Implantable Cardioverter Defibrillators in LVAD Patients
While clearly indicated to reduce sudden death in advanced heart failure populations,26 greater controversy exists regarding the use of ICD therapies in LVAD-supported individuals – particularly those with contemporary continuous-flow devices. Though some investigators have reported survival benefits with ICDs in these patients, and hence advocate ICD implantation in all individuals,6,8 others have shown no demonstrable improvements in mortality.4,21 At this point it is unclear whether everyone with an LVAD should receive an ICD. Given the known adverse impact of ICD shocks on quality of life, the risk of ICD infection and haematogenous seeding of the LVAD pump, and the challenges with electrical interference between some devices, perhaps a more tailored approach to ICD implantation should be considered. In fact, some have advocated the implantation of an ICD only for those with a substantial burden of pre-LVAD arrhythmias.4,8 Additional study will be needed to clarify this ICD debate.
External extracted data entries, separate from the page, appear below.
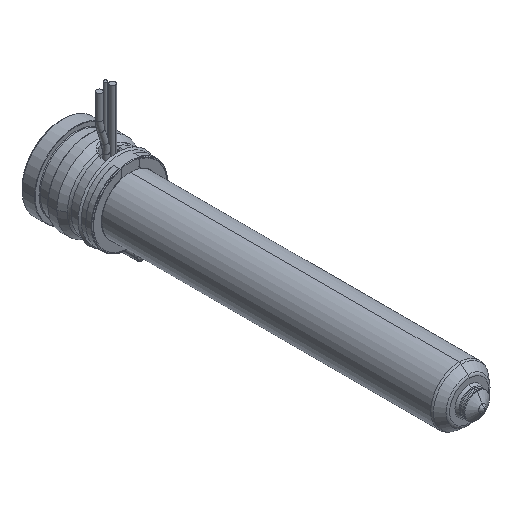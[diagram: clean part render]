
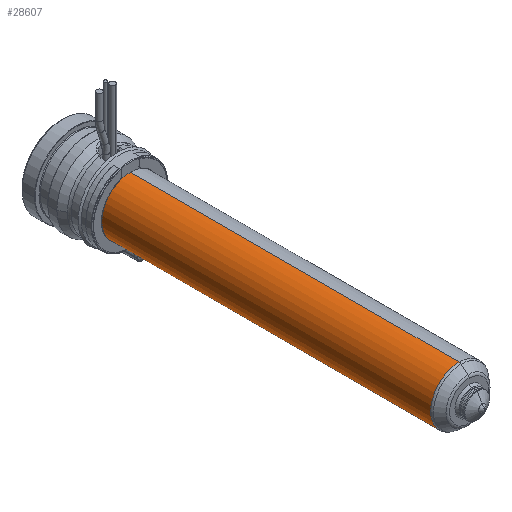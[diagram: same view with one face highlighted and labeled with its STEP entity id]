
A CAD part, isometric view. The second image highlights one B-rep face of the part: STEP entity #28607.
In plain terms, the highlighted cylindrical face has radius 9 mm (diameter 18 mm), a partial arc.
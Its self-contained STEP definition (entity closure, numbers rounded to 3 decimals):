
#28011=CARTESIAN_POINT('',(0.,-125.836,0.));
#28012=DIRECTION('',(0.,-1.,0.));
#28013=DIRECTION('',(0.,0.,1.));
#28014=AXIS2_PLACEMENT_3D('',#28011,#28012,#28013);
#28016=CARTESIAN_POINT('',(0.,-22.,0.));
#28017=DIRECTION('',(0.,1.,0.));
#28018=DIRECTION('',(0.,0.,-1.));
#28019=AXIS2_PLACEMENT_3D('',#28016,#28017,#28018);
#28021=DIRECTION('',(0.,1.,0.));
#28022=VECTOR('',#28021,103.836);
#28023=CARTESIAN_POINT('',(0.,-125.836,9.));
#28024=LINE('',#28023,#28022);
#28030=DIRECTION('',(0.,1.,0.));
#28031=VECTOR('',#28030,103.836);
#28032=CARTESIAN_POINT('',(0.,-125.836,-9.));
#28033=LINE('',#28032,#28031);
#28150=CARTESIAN_POINT('',(0.,-125.836,9.));
#28151=CARTESIAN_POINT('',(0.,-22.,9.));
#28152=VERTEX_POINT('',#28150);
#28153=VERTEX_POINT('',#28151);
#28154=CARTESIAN_POINT('',(0.,-125.836,-9.));
#28155=CARTESIAN_POINT('',(0.,-22.,-9.));
#28156=VERTEX_POINT('',#28154);
#28157=VERTEX_POINT('',#28155);
#28593=CARTESIAN_POINT('',(0.,-12.2,0.));
#28594=DIRECTION('',(0.,-1.,0.));
#28595=DIRECTION('',(0.,0.,1.));
#28596=AXIS2_PLACEMENT_3D('',#28593,#28594,#28595);
#28597=CYLINDRICAL_SURFACE('',#28596,9.);
#28599=ORIENTED_EDGE('',*,*,#28598,.F.);
#28600=ORIENTED_EDGE('',*,*,#28581,.T.);
#28602=ORIENTED_EDGE('',*,*,#28601,.T.);
#28604=ORIENTED_EDGE('',*,*,#28603,.T.);
#28605=EDGE_LOOP('',(#28599,#28600,#28602,#28604));
#28606=FACE_OUTER_BOUND('',#28605,.F.);
#28607=ADVANCED_FACE('',(#28606),#28597,.T.);
#28015=CIRCLE('',#28014,9.);
#28020=CIRCLE('',#28019,9.);
#28581=EDGE_CURVE('',#28152,#28156,#28015,.T.);
#28598=EDGE_CURVE('',#28152,#28153,#28024,.T.);
#28601=EDGE_CURVE('',#28156,#28157,#28033,.T.);
#28603=EDGE_CURVE('',#28157,#28153,#28020,.T.);

How best to program an ICD during LVAD support also remains uncertain at this time. Given the improved tolerability of ventricular arrhythmias with continuous LVAD unloading, a more restrictive therapeutic strategy is often employed so that only arrhythmic events that are sustained or that result in haemodynamic instability are targeted for ICD intervention. More than likely, novel programming strategies utilising more aggressive anti-tachycardic pacing while limiting ICD discharge will be the goal for future arrhythmia treatment.
Conclusion
The implantation of an LVAD can enhance the functional status and survival of patients with end-stage heart failure. While improvements in pump design have led to greater durability and broader patient applicability, complications of these mechanical devices still exist. Among these are the development of ventricular arrhythmias. Though better tolerated than in unsupported individuals, ventricular arrhythmias can lead to worsening symptoms, increased hospitalisations and diminished quality of life among LVAD patients. Novel strategies for predicting, preventing and treating these common events are needed so that patients may continue to prosper from LVAD support.